Previously, the cap applied only to internal directors; it will now extend to independent directors as well.

Lawmakers also agreed to replace the term “outside director” with “independent director,” a symbolic but pointed reminder that directors must act independently of management influence.

Business lobbies voiced alarm.

Korea’s eight major business associations — including the Federation of Korean Industries, Korea Chamber of Commerce and Industry, Korea Enterprises Federation and Korea International Trade Association — issued a joint statement expressing “deep regret” at the reform.

They warned that directors could become overly cautious in the face of shareholder sentiment and potential lawsuits, deterring long-term investments and leaving firms exposed to activist campaigns.

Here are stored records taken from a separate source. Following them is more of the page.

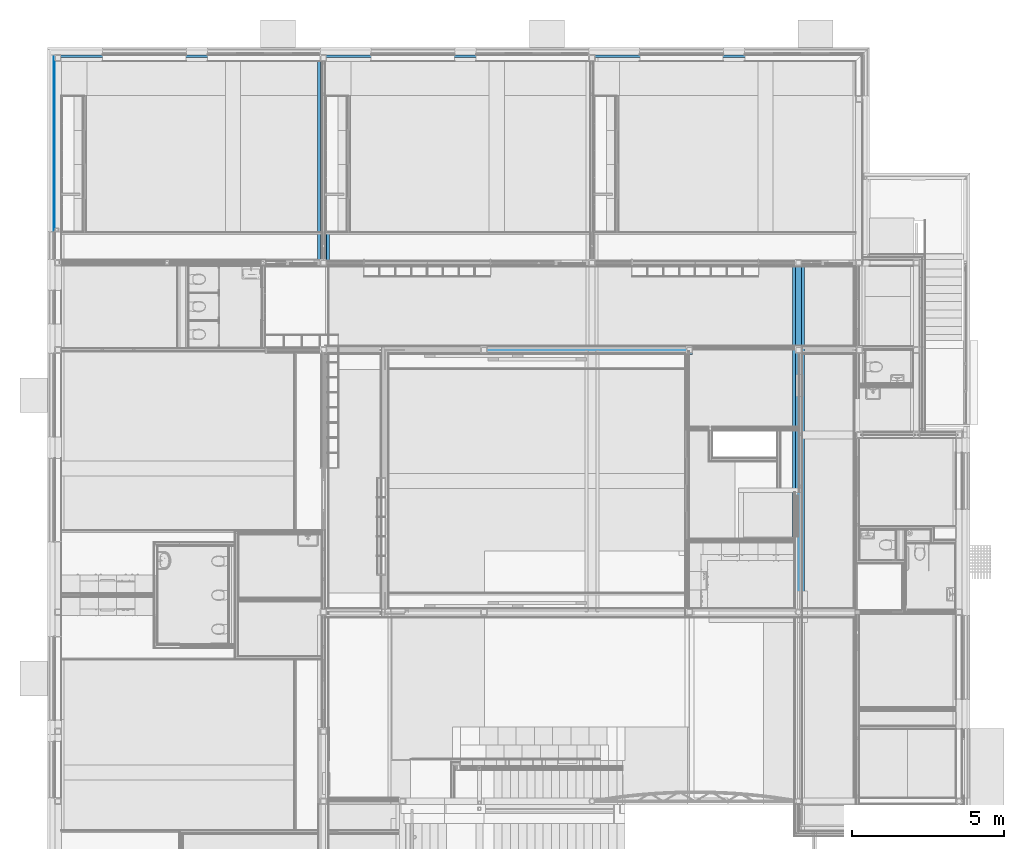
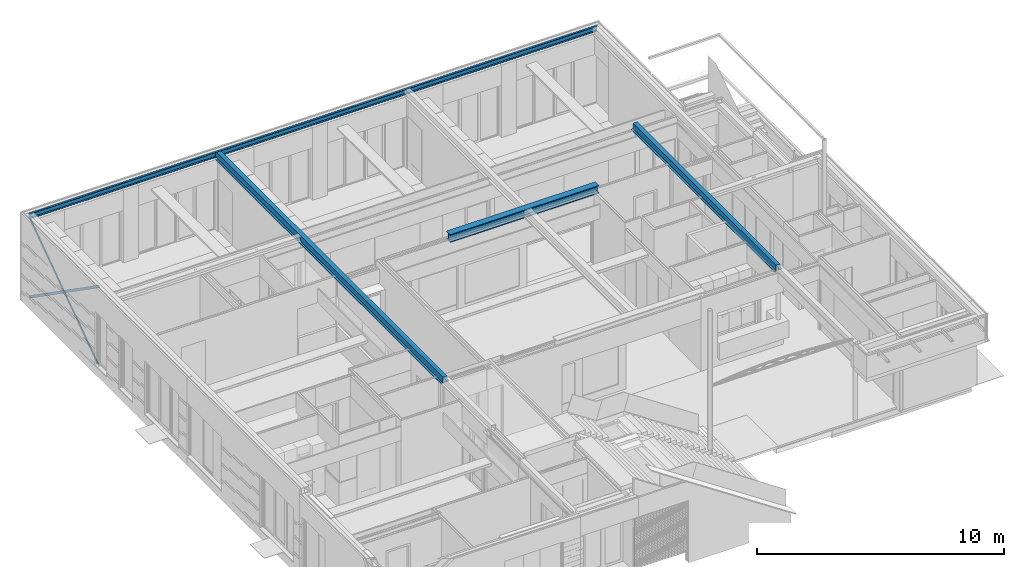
# One storey, part 13 of 165: 6 beams.
"""IFC2X3 building model written with IfcOpenShell, lengths in millimetres."""

from ifc_helpers import new_model, entity, si_unit, converted_unit, derived_unit, money_unit, direction, frame, origin_with_axes, place, context, subcontext, project, spatial, faceted_brep, material, type_object, element, save


model = new_model("IFC2X3")

# Units and contexts
model_context = context("Model", 3, precision=0.01, world=origin_with_axes(), true_north=direction((0.0, 1.0)))
body_context = subcontext(model_context, "Body", "Model", "MODEL_VIEW")
ifc_project = project(units=[si_unit("LENGTHUNIT", "METRE", prefix="MILLI"), si_unit("AREAUNIT", "SQUARE_METRE"), si_unit("VOLUMEUNIT", "CUBIC_METRE"), converted_unit("PLANEANGLEUNIT", "DEGREE", entity("IfcPlaneAngleMeasure", 0.0174532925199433), si_unit("PLANEANGLEUNIT", "RADIAN"), dimensions=[0, 0, 0, 0, 0, 0, 0]), money_unit("EUR"), converted_unit("TIMEUNIT", "Year", entity("IfcTimeMeasure", 31556926.0), si_unit("TIMEUNIT", "SECOND"), dimensions=[0, 0, 1, 0, 0, 0, 0]), si_unit("MASSUNIT", "GRAM", prefix="KILO"), si_unit("THERMODYNAMICTEMPERATUREUNIT", "DEGREE_CELSIUS"), si_unit("LUMINOUSINTENSITYUNIT", "LUMEN"), si_unit("ENERGYUNIT", "JOULE", prefix="MEGA"), derived_unit("THERMALCONDUCTANCEUNIT", [(si_unit("POWERUNIT", "WATT"), 1), (si_unit("LENGTHUNIT", "METRE"), -1), (si_unit("THERMODYNAMICTEMPERATUREUNIT", "KELVIN"), -1)]), derived_unit("SPECIFICHEATCAPACITYUNIT", [(si_unit("ENERGYUNIT", "JOULE"), 1), (si_unit("MASSUNIT", "GRAM", prefix="KILO"), -1), (si_unit("THERMODYNAMICTEMPERATUREUNIT", "KELVIN"), -1)]), derived_unit("MASSDENSITYUNIT", [(si_unit("MASSUNIT", "GRAM", prefix="KILO"), 1), (si_unit("VOLUMEUNIT", "CUBIC_METRE"), -1)])], contexts=[model_context])

# Site, building, storey
site_placement = place(None, origin_with_axes())
site = spatial("IfcSite", under=ifc_project, at=site_placement, Name="Site", CompositionType="ELEMENT")
building_placement = place(site_placement, origin_with_axes())
building = spatial("IfcBuilding", under=site, at=building_placement, Name="Naam gebouw", CompositionType="ELEMENT")
storey_placement = place(building_placement, origin_with_axes())
storey = spatial("IfcBuildingStorey", under=building, at=storey_placement, Name="Begane grond", CompositionType="ELEMENT", Elevation=0.0)

# Beams
ifc_material = material(Name="Metaal - Staal C")
beam_type_1 = type_object("IfcBeamType", Name="UNP260 90 x 260", PredefinedType="BEAM")
beam_1_placement = place(storey_placement, frame((0.0, 29175.0, 3729.999999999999), z_axis=(0.0, 0.0, 1.0), x_axis=(0.0, -1.0, 0.0)))
element("IfcBeam", 1, at=beam_1_placement, inside=storey, type_object=beam_type_1, material=ifc_material, Name="h METAAL_Regenwaterafvoer-x", ObjectType="BEAM", context=body_context, shape_type="Brep", body=[
    faceted_brep([(0.0, 0.0, -129.9999999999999), (0.0, 26600.0, -129.9999999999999), (89.99999999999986, 26600.0, -129.9999999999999), (89.99999999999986, 0.0, -129.9999999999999), (0.0, 0.0, 129.9999999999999), (0.0, 26600.0, 129.9999999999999), (89.99999999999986, 26600.0, 129.9999999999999), (89.99999999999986, 26600.0, 116.0000000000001), (9.99999999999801, 26600.0, 116.0000000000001), (9.99999999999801, 26600.0, -116.0000000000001), (89.99999999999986, 26600.0, -116.0000000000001), (89.99999999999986, 0.0, -116.0000000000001), (10.00000000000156, 0.0, -116.0000000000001), (10.00000000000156, 0.0, 116.0000000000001), (89.99999999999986, 0.0, 116.0000000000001), (89.99999999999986, 0.0, 129.9999999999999)], [[[0, 1, 2, 3]], [[4, 5, 1, 0]], [[2, 1, 5, 6, 7, 8, 9, 10]], [[3, 2, 10, 11]], [[4, 0, 3, 11, 12, 13, 14, 15]], [[15, 6, 5, 4]], [[14, 7, 6, 15]], [[13, 8, 7, 14]], [[12, 9, 8, 13]], [[11, 10, 9, 12]]]),
])
beam_type_2 = type_object("IfcBeamType", Name="HEM360 308 x 395", PredefinedType="BEAM")
beam_2_placement = place(storey_placement, frame((21009.99793409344, 19449.99981121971, 3662.499999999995), z_axis=(0.0, 0.0, 1.0), x_axis=(0.0, 1.0, 0.0)))
element("IfcBeam", 2, at=beam_2_placement, inside=storey, type_object=beam_type_2, material=ifc_material, Name="h METAAL_Regenwaterafvoer-x", ObjectType="BEAM", context=body_context, shape_type="Brep", body=[
    faceted_brep([(-90.0000000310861, 10.00000000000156, -197.5000000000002), (-90.0000000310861, 190.0000000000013, -197.5000000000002), (89.99999996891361, 190.0000000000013, -197.5000000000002), (89.99999996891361, 10.00000000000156, -197.5000000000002), (-90.0000000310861, 190.0000000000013, -167.5), (-90.0000000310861, 10.00000000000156, -167.5), (89.99999996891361, 190.0000000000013, -167.5), (89.99999996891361, 10.00000000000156, -167.5), (99.99999996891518, 200.0000000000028, -167.5), (99.99999996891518, 0.0, -167.5), (-100.0000000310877, 0.0, -167.5), (-100.0000000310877, 200.0000000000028, -167.5), (99.99999996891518, 200.0000000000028, -197.5000000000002), (99.99999996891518, 0.0, -197.5000000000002), (-153.9999999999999, 0.0, -197.5000000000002), (-100.0000000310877, 0.0, -197.5000000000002), (153.9999999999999, 0.0, -197.5000000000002), (153.9999999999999, 0.0, -157.5000000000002), (10.5000000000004, 0.0, -157.5000000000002), (10.5000000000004, 0.0, 157.5000000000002), (153.9999999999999, 0.0, 157.5000000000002), (153.9999999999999, 0.0, 197.5000000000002), (-153.9999999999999, 0.0, 197.5000000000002), (-153.9999999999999, 0.0, 157.5000000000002), (-10.5000000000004, 0.0, 157.5000000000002), (-10.5000000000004, 0.0, -157.5000000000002), (-153.9999999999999, 0.0, -157.5000000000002), (-100.0000000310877, 200.0000000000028, -197.5000000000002), (-153.9999999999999, 6969.999984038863, -197.5000000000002), (-99.99999999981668, 6969.999984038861, -197.5000000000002), (-99.99999999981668, 6769.999984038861, -197.5000000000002), (100.0000000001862, 6769.999984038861, -197.5000000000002), (100.0000000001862, 6969.999984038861, -197.5000000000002), (153.9999999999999, 6969.999984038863, -197.5000000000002), (153.9999999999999, 6969.999984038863, -157.5000000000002), (10.5000000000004, 6969.999984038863, -157.5000000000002), (10.5000000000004, 6969.999984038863, 157.5000000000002), (153.9999999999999, 6969.999984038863, 157.5000000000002), (153.9999999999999, 6969.999984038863, 197.5000000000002), (-153.9999999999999, 6969.999984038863, 197.5000000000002), (-153.9999999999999, 6969.999984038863, 157.5000000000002), (-10.5000000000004, 6969.999984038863, 157.5000000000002), (-10.5000000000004, 6969.999984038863, -157.5000000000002), (-153.9999999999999, 6969.999984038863, -157.5000000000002), (100.0000000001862, 6969.999984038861, -167.5), (-99.99999999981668, 6969.999984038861, -167.5), (-99.99999999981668, 6769.999984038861, -167.5), (100.0000000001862, 6769.999984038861, -167.5), (90.0000000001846, 6959.999984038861, -167.5), (-89.99999999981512, 6959.999984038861, -167.5), (-89.99999999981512, 6779.999984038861, -167.5), (90.0000000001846, 6779.999984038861, -167.5), (90.0000000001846, 6959.999984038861, -197.5000000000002), (-89.99999999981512, 6959.999984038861, -197.5000000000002), (-89.99999999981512, 6779.999984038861, -197.5000000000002), (90.0000000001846, 6779.999984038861, -197.5000000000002)], [[[0, 1, 2, 3]], [[4, 1, 0, 5]], [[6, 2, 1, 4]], [[7, 3, 2, 6]], [[5, 0, 3, 7]], [[8, 9, 10, 11], [6, 4, 5, 7]], [[12, 13, 9, 8]], [[14, 15, 10, 9, 13, 16, 17, 18, 19, 20, 21, 22, 23, 24, 25, 26]], [[11, 10, 15, 27]], [[11, 27, 12, 8]], [[12, 27, 15, 14, 28, 29, 30, 31, 32, 33, 16, 13]], [[17, 16, 33, 34]], [[18, 17, 34, 35]], [[19, 18, 35, 36]], [[20, 19, 36, 37]], [[21, 20, 37, 38]], [[22, 21, 38, 39]], [[23, 22, 39, 40]], [[24, 23, 40, 41]], [[25, 24, 41, 42]], [[26, 25, 42, 43]], [[14, 26, 43, 28]], [[44, 45, 29, 28, 43, 42, 41, 40, 39, 38, 37, 36, 35, 34, 33, 32]], [[46, 30, 29, 45]], [[47, 31, 30, 46]], [[44, 32, 31, 47]], [[46, 45, 44, 47], [48, 49, 50, 51]], [[48, 52, 53, 49]], [[49, 53, 54, 50]], [[50, 54, 55, 51]], [[51, 55, 52, 48]], [[54, 53, 52, 55]]]),
])
beam_type_3 = type_object("IfcBeamType", Name="28 THQ 01 400 x 280", PredefinedType="BEAM")
beam_3_placement = place(storey_placement, frame((24499.99903999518, 22424.99984707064, 3860.000026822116), z_axis=(0.0, 0.0, 1.0), x_axis=(-1.0, 0.0, 0.0)))
element("IfcBeam", 3, at=beam_3_placement, inside=storey, type_object=beam_type_3, material=ifc_material, Name="h METAAL_Regenwaterafvoer-x", ObjectType="BEAM", context=body_context, shape_type="Brep", body=[
    faceted_brep([(-84.35000000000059, 11614.99973651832, -264.9999977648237), (84.35000000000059, 11614.99973651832, -264.9999977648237), (84.35000000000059, 11614.99973651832, -279.9999977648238), (-84.35000000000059, 11614.99973651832, -279.9999977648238), (70.95973549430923, 11569.39668356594, -264.9999977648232), (80.93323232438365, 11591.23559534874, -264.9999977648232), (-80.93323232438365, 11591.23559534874, -264.9999977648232), (-70.95973549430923, 11569.39668356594, -264.9999977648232), (-55.23750290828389, 11551.25225992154, -264.9999977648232), (-35.04025634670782, 11538.27227771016, -264.9999977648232), (-12.00425660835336, 11531.50829789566, -264.9999977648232), (12.00425660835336, 11531.50829789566, -264.9999977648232), (35.04025634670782, 11538.27227771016, -264.9999977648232), (55.23750290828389, 11551.25225992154, -264.9999977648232), (80.93323232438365, 11591.23559534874, -279.9999977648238), (-70.95973549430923, 11569.39668356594, -279.9999977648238), (-80.93323232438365, 11591.23559534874, -279.9999977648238), (70.95973549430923, 11569.39668356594, -279.9999977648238), (55.23750290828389, 11551.25225992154, -279.9999977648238), (35.04025634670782, 11538.27227771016, -279.9999977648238), (12.00425660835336, 11531.50829789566, -279.9999977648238), (-12.00425660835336, 11531.50829789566, -279.9999977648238), (-35.04025634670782, 11538.27227771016, -279.9999977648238), (-55.23750290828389, 11551.25225992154, -279.9999977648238)], [[[0, 1, 2, 3]], [[4, 5, 1, 0, 6, 7, 8, 9, 10, 11, 12, 13]], [[2, 1, 5, 14]], [[15, 16, 3, 2, 14, 17, 18, 19, 20, 21, 22, 23]], [[16, 6, 0, 3]], [[14, 5, 4, 17]], [[15, 7, 6, 16]], [[23, 8, 7, 15]], [[22, 9, 8, 23]], [[21, 10, 9, 22]], [[20, 11, 10, 21]], [[19, 12, 11, 20]], [[18, 13, 12, 19]], [[17, 4, 13, 18]]]),
    faceted_brep([(-89.98443325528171, 3064.99945414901, -279.9999977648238), (90.015566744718, 3064.99945414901, -279.9999977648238), (90.015566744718, 2884.99945414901, -279.9999977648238), (-89.98443325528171, 2884.99945414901, -279.9999977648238), (-89.98443325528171, 3064.99945414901, -264.9999977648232), (90.015566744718, 3064.99945414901, -264.9999977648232), (90.015566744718, 2884.99945414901, -264.9999977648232), (-89.98443325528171, 2884.99945414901, -264.9999977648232)], [[[0, 1, 2, 3]], [[0, 4, 5, 1]], [[1, 5, 6, 2]], [[2, 6, 7, 3]], [[3, 7, 4, 0]], [[6, 5, 4, 7]]]),
    faceted_brep([(-90.00000000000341, 190.0000000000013, -279.9999977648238), (89.9999999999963, 190.0000000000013, -279.9999977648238), (89.9999999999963, 10.00000000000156, -279.9999977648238), (-90.00000000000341, 10.00000000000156, -279.9999977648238), (-90.00000000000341, 190.0000000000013, -264.9999977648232), (89.9999999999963, 190.0000000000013, -264.9999977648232), (89.9999999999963, 10.00000000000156, -264.9999977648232), (-90.00000000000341, 10.00000000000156, -264.9999977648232)], [[[0, 1, 2, 3]], [[0, 4, 5, 1]], [[1, 5, 6, 2]], [[2, 6, 7, 3]], [[3, 7, 4, 0]], [[6, 5, 4, 7]]]),
    faceted_brep([(94.99999999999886, 0.0, -260.0000268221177), (99.99999999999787, 0.0, -260.0000268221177), (99.99999999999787, 0.0, -279.9999977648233), (199.9999999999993, 0.0, -279.9999977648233), (199.9999999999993, 0.0, -264.9999977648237), (100.9999999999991, 0.0, -264.9999977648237), (100.9999999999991, 0.0, 0.0), (-100.9999999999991, 0.0, 0.0), (-100.9999999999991, 0.0, -264.9999977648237), (-199.9999999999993, 0.0, -264.9999977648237), (-199.9999999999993, 0.0, -279.9999977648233), (-100.000000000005, 0.0, -279.9999977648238), (-100.000000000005, 0.0, -260.0000268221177), (-94.99999999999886, 0.0, -260.0000268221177), (-94.99999999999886, 0.0, -29.9999999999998), (94.99999999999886, 0.0, -29.9999999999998), (99.99999999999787, 200.0000000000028, -260.0000268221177), (94.99999999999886, 200.0000000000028, -260.0000268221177), (99.99999999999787, 200.0000000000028, -279.9999977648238), (-100.000000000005, 200.0000000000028, -279.9999977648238), (-200.0000000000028, 11614.99973651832, -279.9999977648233), (-96.84999999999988, 11614.99973651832, -279.9999977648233), (-92.92689449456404, 11587.71393838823, -279.9999977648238), (-81.47540465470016, 11562.63867334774, -279.9999977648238), (-63.42326208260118, 11541.80539024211, -279.9999977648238), (-40.23294400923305, 11526.90187776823, -279.9999977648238), (-13.78319208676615, 11519.13552987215, -279.9999977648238), (13.78319208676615, 11519.13552987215, -279.9999977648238), (40.23294400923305, 11526.90187776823, -279.9999977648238), (63.42326208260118, 11541.80539024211, -279.9999977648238), (81.47540465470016, 11562.63867334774, -279.9999977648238), (92.92689449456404, 11587.71393838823, -279.9999977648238), (96.84999999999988, 11614.99973651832, -279.9999977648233), (199.9999999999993, 11614.99973651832, -279.9999977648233), (100.0155667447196, 2874.999454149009, -279.9999977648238), (100.0155667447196, 3074.999454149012, -279.9999977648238), (-99.98443325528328, 3074.999454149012, -279.9999977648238), (-99.98443325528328, 2874.999454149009, -279.9999977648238), (199.9999999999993, 11614.99973651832, -264.9999977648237), (100.9999999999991, 11614.99973651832, -264.9999977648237), (100.9999999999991, 11614.99973651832, 0.0), (-101.0000000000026, 11614.99973651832, 0.0), (-101.0000000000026, 11614.99973651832, -264.9999977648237), (-200.0000000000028, 11614.99973651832, -264.9999977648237), (-100.000000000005, 200.0000000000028, -260.0000268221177), (-94.99999999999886, 200.0000000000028, -260.0000268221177), (-94.99999999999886, 200.0000000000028, -264.9999977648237), (-94.99999999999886, 2874.999454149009, -264.9999977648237), (-94.99999999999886, 2874.999454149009, -260.0000268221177), (-94.99999999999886, 3074.999454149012, -260.0000268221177), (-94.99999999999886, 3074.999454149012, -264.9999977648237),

“Aligning the interests of all shareholders is practically difficult,” said one industry official who requested anonymity.

They also criticized the lack of safeguards, such as codifying the business judgment rule to shield directors from liability when acting in good faith or revising Korea’s expansive breach of trust provisions that have historically exposed executives to criminal charges for management decisions.

“Without complementary protections, the strengthened 3 percent rule raises the risk of speculative forces capturing audit committees,” the groups said.

The legislation fulfills a campaign pledge by President Lee, who vowed to lift Korea’s benchmark Kospi toward 5,000 by tackling the “Korea discount” that has long undervalued the nation’s equities.

His Democratic Party pushed the measure through against resistance from the conservative People Power Party, which opposed the 3 percent rule until a last-minute bipartisan compromise.

More contentious proposals — including mandatory cumulative voting for director elections and increasing the number of audit committee members elected separately from controlling shareholders from one to two — were deferred for future hearings.

The current passage follows a failed attempt earlier this year, when an earlier version of the bill passed but was vetoed by then-acting President Han Duck-soo. This time, Lee’s liberal bloc had the numbers to overcome resistance.

For investors, the reform signals a structural shift toward global standards of corporate governance. For Korea’s corporate titans, it marks a tilt toward shareholder primacy at the expense of entrenched management rights — raising the prospect of more litigation, activist pressure and contested boardrooms.

“We agree with the bill’s purpose of revitalizing the capital market and establishing a fairer business environment,” the business groups said. “But the absence of defenses for management rights risks undermining stability and discouraging investment.”